Notre nouveau président s’est inquiété des enfants issus de GPA (mères porteuses) réalisées clandestinement à l’étranger. Il a dit que ces enfants n’avaient pas à pâtir des actions de leurs parents. Mais quid des enfants de couples lesbiens, ou de femmes seules ? Un enfant ne doit pas pâtir non plus de la sexualité de ses parents. Pourquoi un enfant serait-il privé de ses origines du fait de la sexualité de ses parents ? Ce lien de cause à effet n’a pas lieu d’être.

Une société démocratique et moderne, défend le plus faible. C’est le rôle de l’Etat. Pourtant maintenant, le Comité Nationale d’Ethique propose à Monsieur Macron une voie contraire à son rôle de chef de l’Etat… qu’il emprunte allègrement.

 

Et sur la congélation des ovocytes, que pensez-vous du positionnement du Comité d’Ethique ?

Je crois qu’il faut distinguer deux cas. Le premier, est médical.

Imaginez qu’une endométriose agressive vous touche à 20/25 ans. La vitrification des ovocytes correspondrait à une préservation de votre fertilité, parce qu’à 30 ans, vous aurez peut être subi 3 interventions chirurgicales qui auront pu endommager très gravement vos ovaires. C’est une préservation médicale car pour de nombreuses femmes, on n’arrivera même plus à faire des FIV : il ne restera qu’à peine un ou deux follicules !

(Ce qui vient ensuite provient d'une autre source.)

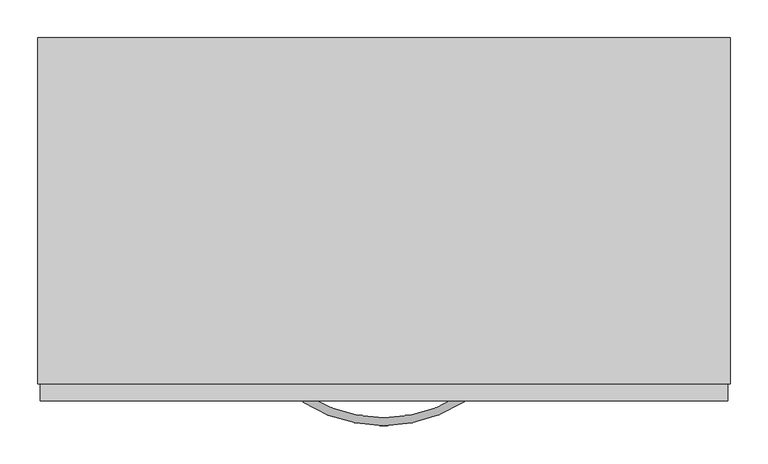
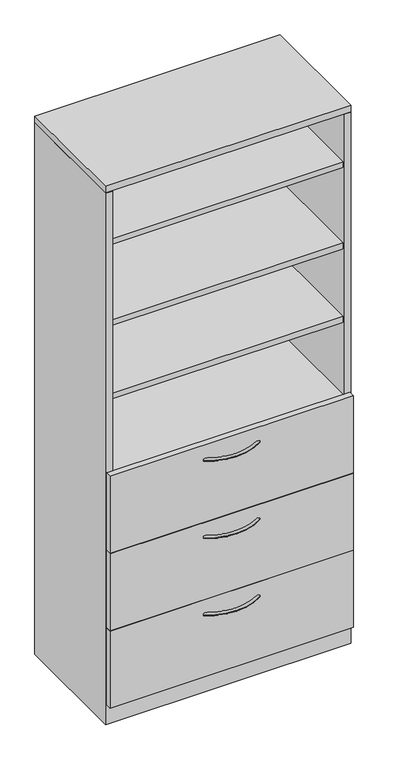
"""IFC4 building model written with IfcOpenShell, lengths in millimetres: furniture geometry, Steelcase - Universal Storage - Cabinet - Combination - Proud Steel : 83 1/2H - Open Cabinet/3 Drawers - 18 7/8D x 36W."""

import ifcopenshell
import ifcopenshell.guid

model = None  # the IFC model being written
_history = None  # IfcOwnerHistory: only IFC2X3 demands one
_inside = {}  # id of a spatial element -> (the spatial element, [elements in it])
_under = {}  # id of a project, library or spatial element -> (it, [spatial elements below it])
_declared = {}  # id of a project -> (the project, [libraries it declares])
_typed = {}  # id of a type object -> (the type object, [elements of that type])
_made_of = {}  # id of a material, layer set ... -> (it, [elements and type objects made of it])


def new_model(schema):
    """Start an empty IFC model of exactly this schema.

    Asked for "IFC4X3", IfcOpenShell would pick the latest addendum, in which some entities
    have other attributes; the version numbers below select the first issue.
    IFC2X3 requires an IfcOwnerHistory on every rooted entity: one is made here for all.
    """
    global model, _history
    if schema == "IFC4X3":
        model = ifcopenshell.file(schema_version=(4, 3, 0, 0))
    else:
        model = ifcopenshell.file(schema=schema)
    _inside.clear()
    _under.clear()
    _declared.clear()
    _typed.clear()
    _made_of.clear()
    _history = None
    if model.schema == "IFC2X3":
        org = make("IfcOrganization", Name="unknown")
        user = make(
            "IfcPersonAndOrganization",
            ThePerson=make("IfcPerson", FamilyName="unknown"),
            TheOrganization=org,
        )
        app = make(
            "IfcApplication",
            ApplicationDeveloper=org,
            Version="unknown",
            ApplicationFullName="unknown",
            ApplicationIdentifier="unknown",
        )
        _history = make(
            "IfcOwnerHistory",
            OwningUser=user,
            OwningApplication=app,
            ChangeAction="ADDED",
            CreationDate=0,
        )
    return model


def make(cls, **values):
    """One entity of the class cls with the attributes given. An attribute that is None is left unset."""
    return model.create_entity(
        cls, **{name: value for name, value in values.items() if value is not None}
    )


def rooted(cls, **values):
    """An entity with a GlobalId (a new one), such as an element, a storey or a relation."""
    return make(cls, GlobalId=ifcopenshell.guid.new(), OwnerHistory=_history, **values)


def si_unit(unit_type, name, prefix=None):
    """IfcSIUnit, for example si_unit("LENGTHUNIT", "METRE", prefix="MILLI")."""
    return make("IfcSIUnit", UnitType=unit_type, Prefix=prefix, Name=name)


def assignment(units):
    """IfcUnitAssignment: the units of a project."""
    return None if units is None else make("IfcUnitAssignment", Units=units)


def point(xyz):
    """IfcCartesianPoint."""
    return None if xyz is None else make("IfcCartesianPoint", Coordinates=xyz)


def direction(xyz):
    """IfcDirection."""
    return None if xyz is None else make("IfcDirection", DirectionRatios=xyz)


def frame(location, z_axis=None, x_axis=None):
    """IfcAxis2Placement3D, a coordinate frame: its origin and axes. An axis left out is left unset."""
    return make(
        "IfcAxis2Placement3D",
        Location=point(location),
        Axis=direction(z_axis),
        RefDirection=direction(x_axis),
    )


def origin():
    """The frame at (0, 0, 0) with its axes left unset."""
    return frame((0.0, 0.0, 0.0))


def place(relative_to, where):
    """IfcLocalPlacement: puts the frame where relative to a parent placement (None: the world)."""
    return make(
        "IfcLocalPlacement", PlacementRelTo=relative_to, RelativePlacement=where
    )


def context(
    kind, dimensions, precision=None, world=None, true_north=None, identifier=None
):
    """IfcGeometricRepresentationContext, for example the 3D "Model" context."""
    return make(
        "IfcGeometricRepresentationContext",
        ContextIdentifier=identifier,
        ContextType=kind,
        CoordinateSpaceDimension=dimensions,
        Precision=precision,
        WorldCoordinateSystem=world,
        TrueNorth=true_north,
    )


def project(units=None, contexts=None):
    """IfcProject with its units and contexts."""
    return rooted(
        "IfcProject",
        Name="project",
        RepresentationContexts=contexts,
        UnitsInContext=assignment(units),
    )


def spatial(cls, under=None, at=None, **own):
    """A site, building, storey or space (cls), placed at a placement, below another one or the project."""
    s = rooted(cls, ObjectPlacement=at, **own)
    if under is not None:
        _under.setdefault(under.id(), (under, []))[1].append(s)
    return s


def polyline(points):
    """IfcPolyline through the points."""
    return make("IfcPolyline", Points=[point(p) for p in points])


def circle_curve(where, radius):
    """IfcCircle in the frame where."""
    return make("IfcCircle", Position=where, Radius=radius)


def ellipse_curve(where, semi_axis1, semi_axis2):
    """IfcEllipse in the frame where."""
    return make(
        "IfcEllipse", Position=where, SemiAxis1=semi_axis1, SemiAxis2=semi_axis2
    )


def trimmed(basis, trim1, trim2, sense, master):
    """IfcTrimmedCurve: the piece of a basis curve between two trims."""
    return make(
        "IfcTrimmedCurve",
        BasisCurve=basis,
        Trim1=trim1,
        Trim2=trim2,
        SenseAgreement=sense,
        MasterRepresentation=master,
    )


def outline(outer, holes=None, kind="AREA"):
    """IfcArbitraryClosedProfileDef: a profile drawn as a closed curve; with holes, ...WithVoids."""
    if holes is None:
        return make("IfcArbitraryClosedProfileDef", ProfileType=kind, OuterCurve=outer)
    return make(
        "IfcArbitraryProfileDefWithVoids",
        ProfileType=kind,
        OuterCurve=outer,
        InnerCurves=holes,
    )


def extrude(swept, where, along, depth):
    """IfcExtrudedAreaSolid: the profile swept, set in the frame where, extruded along a direction by depth."""
    return make(
        "IfcExtrudedAreaSolid",
        SweptArea=swept,
        Position=where,
        ExtrudedDirection=direction(along),
        Depth=depth,
    )


def faces_of(points, faces, orient=None, outer=None):
    """IfcFace entities. A face is a list of loops; a loop is a list of indices into points, from 0.

    orient and outer hold one flag for each loop. By default every Orientation is true, the
    first loop of a face is its IfcFaceOuterBound and the others are IfcFaceBound.
    """
    made = []
    for i, loops in enumerate(faces):
        bounds = []
        for j, loop in enumerate(loops):
            is_outer = j == 0 if outer is None else outer[i][j]
            bounds.append(
                make(
                    "IfcFaceOuterBound" if is_outer else "IfcFaceBound",
                    Bound=make("IfcPolyLoop", Polygon=[points[k] for k in loop]),
                    Orientation=True if orient is None else orient[i][j],
                )
            )
        made.append(make("IfcFace", Bounds=bounds))
    return made


def faceted_brep(points, faces, orient=None, outer=None, voids=None):
    """IfcFacetedBrep: a solid bounded by flat faces; with voids (closed shells), ...WithVoids."""
    shared = [point(p) for p in points]
    hull = make("IfcClosedShell", CfsFaces=faces_of(shared, faces, orient, outer))
    if voids is None:
        return make("IfcFacetedBrep", Outer=hull)
    return make(
        "IfcFacetedBrepWithVoids",
        Outer=hull,
        Voids=[
            make(cls, CfsFaces=faces_of(shared, fs, o, b)) for cls, fs, o, b in voids
        ],
    )


def shape(context_of_items, identifier, shape_type, items):
    """IfcShapeRepresentation: the items that make up one representation, for example the "Body"."""
    return make(
        "IfcShapeRepresentation",
        ContextOfItems=context_of_items,
        RepresentationIdentifier=identifier,
        RepresentationType=shape_type,
        Items=items,
    )


def source(mapping_origin, context_of_items, identifier, shape_type, items):
    """IfcRepresentationMap: a shape defined once, which mapped items show again and again."""
    return make(
        "IfcRepresentationMap",
        MappingOrigin=mapping_origin,
        MappedRepresentation=shape(context_of_items, identifier, shape_type, items),
    )


def transform(
    local_origin,
    x_axis=None,
    y_axis=None,
    z_axis=None,
    scale=None,
    scale2=None,
    scale3=None,
    uniform=True,
):
    """IfcCartesianTransformationOperator3D, or its non-uniform kind. x_axis, y_axis, z_axis: its Axis1, 2, 3."""
    if uniform:
        return make(
            "IfcCartesianTransformationOperator3D",
            Axis1=direction(x_axis),
            Axis2=direction(y_axis),
            LocalOrigin=point(local_origin),
            Scale=scale,
            Axis3=direction(z_axis),
        )
    return make(
        "IfcCartesianTransformationOperator3DnonUniform",
        Axis1=direction(x_axis),
        Axis2=direction(y_axis),
        LocalOrigin=point(local_origin),
        Scale=scale,
        Axis3=direction(z_axis),
        Scale2=scale2,
        Scale3=scale3,
    )


def mapped(mapping_source, mapping_target):
    """IfcMappedItem: shows the shape of a source again, moved by a transform."""
    return make(
        "IfcMappedItem", MappingSource=mapping_source, MappingTarget=mapping_target
    )


def made_of(thing, what):
    """Note that an element or type object is made of a material, layer set ...; save() writes the relation."""
    if what is not None:
        _made_of.setdefault(what.id(), (what, []))[1].append(thing)
    return thing


def element(
    cls,
    number,
    at=None,
    inside=None,
    cuts=None,
    type_object=None,
    material=None,
    context=None,
    identifier="Body",
    shape_type=None,
    held_by="IfcProductDefinitionShape",
    body=None,
    shapes=None,
    **own,
):
    """One element of the class cls, such as IfcWall. Its Tag is "e" and its number.

    at: its placement. inside: the storey or other place that contains it. cuts: it is an
    opening in that element (IfcRelVoidsElement). A single representation is given by context,
    identifier, shape_type and body (its items); several are given by shapes. held_by: the class
    of the entity that holds the representations. save() writes the other relations.
    """
    e = rooted(cls, Tag="e%d" % number, ObjectPlacement=at, **own)
    if body is not None:
        shapes = [shape(context, identifier, shape_type, body)]
    if shapes is not None:
        e.Representation = make(held_by, Representations=shapes)
    if inside is not None:
        _inside.setdefault(inside.id(), (inside, []))[1].append(e)
    if cuts is not None:
        rooted(
            "IfcRelVoidsElement", RelatingBuildingElement=cuts, RelatedOpeningElement=e
        )
    if type_object is not None:
        _typed.setdefault(type_object.id(), (type_object, []))[1].append(e)
    return made_of(e, material)


def aggregate(whole, parts):
    """IfcRelAggregates: a whole, such as a stair, and the parts it consists of."""
    return rooted("IfcRelAggregates", RelatingObject=whole, RelatedObjects=parts)


def save(model, path):
    """Write the relations noted so far, then the file.

    IfcRelAggregates (storeys below a building ...), IfcRelContainedInSpatialStructure (elements
    in a storey), IfcRelDefinesByType, IfcRelAssociatesMaterial and IfcRelDeclares: one each for
    every whole, place, type object, material and project.
    """
    for whole, parts in _under.values():
        aggregate(whole, parts)
    for where, things in _inside.values():
        rooted(
            "IfcRelContainedInSpatialStructure",
            RelatedElements=things,
            RelatingStructure=where,
        )
    for kind, things in _typed.values():
        rooted("IfcRelDefinesByType", RelatedObjects=things, RelatingType=kind)
    for what, things in _made_of.values():
        rooted("IfcRelAssociatesMaterial", RelatedObjects=things, RelatingMaterial=what)
    for by, libraries in _declared.values():
        rooted("IfcRelDeclares", RelatingContext=by, RelatedDefinitions=libraries)
    model.write(path)


def plane_surface(at):
    """IfcPlane: the flat surface through the origin of the frame at, square to its z axis."""
    return make("IfcPlane", Position=at)


def revolved_surface(curve, axis_point, axis_direction):
    """IfcSurfaceOfRevolution: the curve turned about the line through axis_point along axis_direction."""
    return make(
        "IfcSurfaceOfRevolution",
        SweptCurve=make("IfcArbitraryOpenProfileDef", ProfileType="CURVE", Curve=curve),
        AxisPosition=make("IfcAxis1Placement", Location=point(axis_point), Axis=direction(axis_direction)),
    )


def advanced_brep(points, edges, surfaces, faces):
    """IfcAdvancedBrep: a solid bounded by faces that lie on surfaces and meet in shared edges.

    An edge is (start, end): straight between two places in points (the first is 0);
    or (start, end, curve); or (start, end, curve, False) where it runs against its curve.
    A face is (place in surfaces, loops), or (place, loops, False) where it looks against
    its surface's normal. A loop lists edges by number (the first is 1), with a minus sign
    where the edge is run from its end to its start. The first loop is the outer one.
    """
    corners = [point(p) for p in points]
    vertices = [make("IfcVertexPoint", VertexGeometry=c) for c in corners]
    made = []
    for start, end, *more in edges:
        made.append(
            make(
                "IfcEdgeCurve",
                EdgeStart=vertices[start],
                EdgeEnd=vertices[end],
                EdgeGeometry=more[0] if more else make("IfcPolyline", Points=[corners[start], corners[end]]),
                SameSense=more[1] if len(more) > 1 else True,
            )
        )
    hull = []
    for where, loops, *sense in faces:
        bounds = []
        for j, loop in enumerate(loops):
            ring = [make("IfcOrientedEdge", EdgeElement=made[abs(k) - 1], Orientation=k > 0) for k in loop]
            bounds.append(
                make(
                    "IfcFaceOuterBound" if j == 0 else "IfcFaceBound",
                    Bound=make("IfcEdgeLoop", EdgeList=ring),
                    Orientation=True,
                )
            )
        hull.append(make("IfcAdvancedFace", Bounds=bounds, FaceSurface=surfaces[where], SameSense=sense[0] if sense else True))
    return make("IfcAdvancedBrep", Outer=make("IfcClosedShell", CfsFaces=hull))


def furniture_0e4de3d0(model_context):
    return source(origin(), model_context, "Body", "SolidModel", [
        extrude(outline(polyline([(889.0000242, -25.4000008), (889.0000242, -454.0250121), (25.4000008, -454.0250121), (25.4000008, -25.4000008), (889.0000242, -25.4000008)])), frame((0.0, 0.0, 965.2000242), z_axis=(0.0, 0.0, 1.0), x_axis=(1.0, 0.0, 0.0)), (0.0, 0.0, 1.0), 22.2249516),
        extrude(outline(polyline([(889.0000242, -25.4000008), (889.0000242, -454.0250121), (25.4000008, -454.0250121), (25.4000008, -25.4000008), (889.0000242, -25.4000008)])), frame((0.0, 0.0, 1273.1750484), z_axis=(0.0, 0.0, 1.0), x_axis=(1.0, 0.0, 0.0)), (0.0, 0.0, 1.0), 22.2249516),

La préservation de la fertilité est proposée aux hommes depuis très longtemps tout simplement parce que le recueil est évidement plus facile et que la technique de congélation des ovocytes n’était pas au point.

 

Par contre, dans le cas d’une femme qui n’est pas en couple, c’est bien différent. C’est une situation qui a toujours existé, simplement nous sommes dans une société où ne pas avoir d’enfant est inacceptable.

Toutes les femmes ont droit à un enfant. Si elles sont seules : on leur propose un don de sperme, ou une congélation pour attendre le bon partenaire.  Mais la congélation est un leurre. C’est de la publicité mensongère. Un ovocyte est loin de suffire, il en faut beaucoup ! Comment peut-on savoir de combien d’ovocytes nous aurons besoin pour une grossesse prévue dans 10 ans ? Quel sera l’âge de l’utérus dans lequel nous transfèrerons cet embryon ?

On sait en plus qu’il n’y a que 4 FIV remboursées par femme. Que les FIV peuvent être dangereuses pour la santé. Si on compte 2 FIV pour la préservation de fertilité, cela ne fait plus que 2 tentatives possibles pour une grossesse ensuite ? Comment va-t-on faire ? Et si en plus le partenaire tant attendu est infertile ? Dans ce cas, le nombre d’ovocytes vitrifiés ne sera certainement pas suffisant !

Conserver ses ovocytes… Mais à quel âge ? à 35 ans, c’est tout sauf efficace ! Si on veut être efficace il faut congeler avant 30 ans !  

 

Tout est possible aujourd‘hui et pourtant tout n’est pas à faire… Même si cela n’est pas politiquement correct,  un bébé, c’est toujours « quand je peux » et non « quand je veux… ».